Ainsi, la Cour juge que le salarié était en droit de bénéficier d’une majoration de son indemnité de départ à la retraite, telle que prévue par accord d’entreprise, dès lors que les conditions d’octroi devaient être appréciées au jour de son départ en retraite et non au jour de l’entrée en jouissance de sa pension.

(Cour d’appel de Caen, Chambre Sociale n°2, RG 16/04720, du 29 novembre 2018)

Absence de mention des voies de recours dans la contrainte

A l’issue d’une mise en demeure restée sans effet, les organismes de recouvrement des cotisations sociales peuvent décerner une contrainte (article R133-3 du CSS).

La Cour de cassation, dans un arrêt du 4 avril 2018, précise que le défaut de mention des voies de recours dans l’acte de signification d’une contrainte n’entraîne pas sa nullité. Le seul effet est, dans cette hypothèse, de ne pas faire courir le délai de recours.

(Cassation, 2ème Civ, 4 avril 2018, n°17-15.416)

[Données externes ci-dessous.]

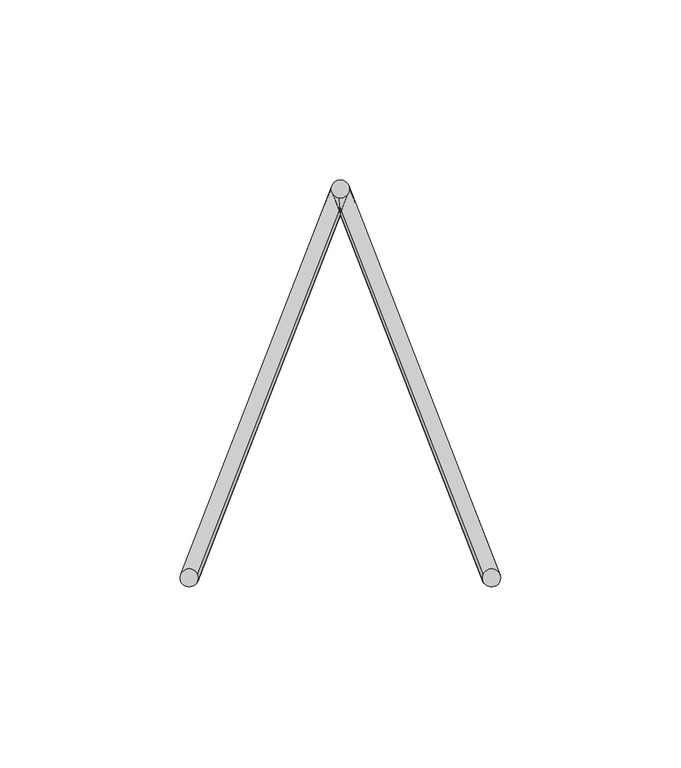
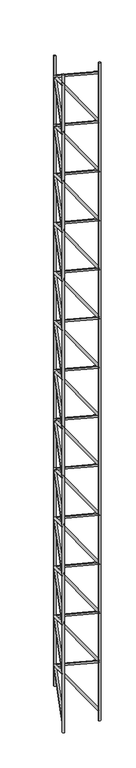
"""IFC4 building model written with IfcOpenShell, lengths in millimetres: proxy geometry, Pre-fab. (Vigota 2 - Pano 8)."""

from ifc_helpers import new_model, si_unit, point, frame, frame_2d, origin, origin_with_axes, origin_2d, place, context, project, spatial, circle_curve, trimmed, segment, composite_curve, outline, extrude, source, transform, mapped, element, save


def structural_framing_c6495f8e(model_context):
    return source(origin(), model_context, "Body", "SweptSolid", [
        extrude(outline(composite_curve([segment(trimmed(circle_curve(origin_2d(), 2.5), [point((2.5, 0.0))], [point((-2.5, 0.0))], False, "CARTESIAN"), True, "CONTINUOUS"), segment(trimmed(circle_curve(origin_2d(), 2.5), [point((-2.5, 0.0))], [point((2.5, 0.0))], False, "CARTESIAN"), True, "CONTINUOUS")], self_intersect=False)), origin_with_axes(), (0.0, 0.0, 1.0), 1607.655183),
        extrude(outline(composite_curve([segment(trimmed(circle_curve(frame_2d((-42.0, 108.0)), 2.5), [point((-39.5, 108.0))], [point((-44.5, 108.0))], False, "CARTESIAN"), True, "CONTINUOUS"), segment(trimmed(circle_curve(frame_2d((-42.0, 108.0)), 2.5), [point((-44.5, 108.0))], [point((-39.5, 108.0))], False, "CARTESIAN"), True, "CONTINUOUS")], self_intersect=False)), frame((0.0, 0.0, 33.8275917), z_axis=(0.0, 0.0, 1.0), x_axis=(1.0, 0.0, 0.0)), (0.0, 0.0, 1.0), 1540.0),
        extrude(outline(composite_curve([segment(trimmed(circle_curve(origin_2d(), 2.5), [point((2.5, 0.0))], [point((-2.5, 0.0))], False, "CARTESIAN"), True, "CONTINUOUS"), segment(trimmed(circle_curve(origin_2d(), 2.5), [point((-2.5, 0.0))], [point((2.5, 0.0))], False, "CARTESIAN"), True, "CONTINUOUS")], self_intersect=False)), frame((0.0, 0.0, 23.8275917), z_axis=(-0.3218603428886276, 0.8276408817707567, 0.4598004898837537), x_axis=(0.8192319205108605, -3.936835275445103e-11, 0.5734623443750141)), (0.0, 0.0, 1.0), 130.491379),
        extrude(outline(composite_curve([segment(trimmed(circle_curve(origin_2d(), 2.5), [point((2.5, 0.0))], [point((-2.5, 0.0))], False, "CARTESIAN"), True, "CONTINUOUS"), segment(trimmed(circle_curve(origin_2d(), 2.5), [point((-2.5, 0.0))], [point((2.5, 0.0))], False, "CARTESIAN"), True, "CONTINUOUS")], self_intersect=False)), frame((-42.0, 108.0, 83.8275917), z_axis=(0.3218603428886276, -0.8276408817707567, 0.4598004898837537), x_axis=(0.8192319205108605, -3.936835275445103e-11, -0.5734623443750141)), (0.0, 0.0, 1.0), 130.491379),
        extrude(outline(composite_curve([segment(trimmed(circle_curve(origin_2d(), 2.5), [point((2.5, 0.0))], [point((-2.5, 0.0))], False, "CARTESIAN"), True, "CONTINUOUS"), segment(trimmed(circle_curve(origin_2d(), 2.5), [point((-2.5, 0.0))], [point((2.5, 0.0))], False, "CARTESIAN"), True, "CONTINUOUS")], self_intersect=False)), frame((0.0, 0.0, 143.8275917), z_axis=(-0.3218603428886276, 0.8276408817707567, 0.4598004898837537), x_axis=(0.8192319205108605, -3.936835275445103e-11, 0.5734623443750141)), (0.0, 0.0, 1.0), 130.491379),
        extrude(outline(composite_curve([segment(trimmed(circle_curve(origin_2d(), 2.5), [point((2.5, 0.0))], [point((-2.5, 0.0))], False, "CARTESIAN"), True, "CONTINUOUS"), segment(trimmed(circle_curve(origin_2d(), 2.5), [point((-2.5, 0.0))], [point((2.5, 0.0))], False, "CARTESIAN"), True, "CONTINUOUS")], self_intersect=False)), frame((-42.0, 108.0, 203.8275917), z_axis=(0.3218603428886276, -0.8276408817707567, 0.4598004898837537), x_axis=(0.8192319205108605, -3.936835275445103e-11, -0.5734623443750141)), (0.0, 0.0, 1.0), 130.491379),
        extrude(outline(composite_curve([segment(trimmed(circle_curve(origin_2d(), 2.5), [point((2.5, 0.0))], [point((-2.5, 0.0))], False, "CARTESIAN"), True, "CONTINUOUS"), segment(trimmed(circle_curve(origin_2d(), 2.5), [point((-2.5, 0.0))], [point((2.5, 0.0))], False, "CARTESIAN"), True, "CONTINUOUS")], self_intersect=False)), frame((0.0, 0.0, 263.8275917), z_axis=(-0.3218603428886276, 0.8276408817707567, 0.4598004898837537), x_axis=(0.8192319205108605, -3.936835275445103e-11, 0.5734623443750141)), (0.0, 0.0, 1.0), 130.491379),
        extrude(outline(composite_curve([segment(trimmed(circle_curve(origin_2d(), 2.5), [point((2.5, 0.0))], [point((-2.5, 0.0))], False, "CARTESIAN"), True, "CONTINUOUS"), segment(trimmed(circle_curve(origin_2d(), 2.5), [point((-2.5, 0.0))], [point((2.5, 0.0))], False, "CARTESIAN"), True, "CONTINUOUS")], self_intersect=False)), frame((-42.0, 108.0, 323.8275917), z_axis=(0.3218603428886276, -0.8276408817707567, 0.4598004898837537), x_axis=(0.8192319205108605, -3.936835275445103e-11, -0.5734623443750141)), (0.0, 0.0, 1.0), 130.491379),
        extrude(outline(composite_curve([segment(trimmed(circle_curve(origin_2d(), 2.5), [point((2.5, 0.0))], [point((-2.5, 0.0))], False, "CARTESIAN"), True, "CONTINUOUS"), segment(trimmed(circle_curve(origin_2d(), 2.5), [point((-2.5, 0.0))], [point((2.5, 0.0))], False, "CARTESIAN"), True, "CONTINUOUS")], self_intersect=False)), frame((0.0, 0.0, 383.8275917), z_axis=(-0.3218603428886276, 0.8276408817707567, 0.4598004898837537), x_axis=(0.8192319205108605, -3.936835275445103e-11, 0.5734623443750141)), (0.0, 0.0, 1.0), 130.491379),
        extrude(outline(composite_curve([segment(trimmed(circle_curve(origin_2d(), 2.5), [point((2.5, 0.0))], [point((-2.5, 0.0))], False, "CARTESIAN"), True, "CONTINUOUS"), segment(trimmed(circle_curve(origin_2d(), 2.5), [point((-2.5, 0.0))], [point((2.5, 0.0))], False, "CARTESIAN"), True, "CONTINUOUS")], self_intersect=False)), frame((-42.0, 108.0, 443.8275917), z_axis=(0.3218603428886276, -0.8276408817707567, 0.4598004898837537), x_axis=(0.8192319205108605, -3.936835275445103e-11, -0.5734623443750141)), (0.0, 0.0, 1.0), 130.491379),
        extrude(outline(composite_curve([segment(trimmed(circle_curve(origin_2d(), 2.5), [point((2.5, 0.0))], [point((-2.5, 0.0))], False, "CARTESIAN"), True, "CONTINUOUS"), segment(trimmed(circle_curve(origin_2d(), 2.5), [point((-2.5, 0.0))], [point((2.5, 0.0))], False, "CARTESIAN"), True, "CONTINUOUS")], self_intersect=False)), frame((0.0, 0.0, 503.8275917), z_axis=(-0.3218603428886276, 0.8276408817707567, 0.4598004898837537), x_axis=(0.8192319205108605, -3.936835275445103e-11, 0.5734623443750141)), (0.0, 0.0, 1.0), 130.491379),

Perte du permis de conduire par le salarié

Dans un arrêt du 28 février 2018, la Cour de cassation valide la décision rendue par la Cour d’Appel de Versailles et confirme que l’employeur n’a pas a indemniser le salarié du préavis qu’il se trouve dans l’incapacité d’exécuter à raison de la perte de son permis de conduire, nécessaire à l’activité. (Cass, Soc, 28 février 2018, n°17-11334)

Licenciement du salarié inapte

Dans un arrêt du 20 décembre 2017, la Cour de cassation, Chambre Sociale, vient rappeler que le salarié déclaré inapte par la médecine du travail ne peut, par la suite, faire l’objet d’un licenciement pour un autre motif, par exemple disciplinaire. L’employeur doit respecter son obligation et proposer au salarié un poste de reclassement approprié à ses capacités.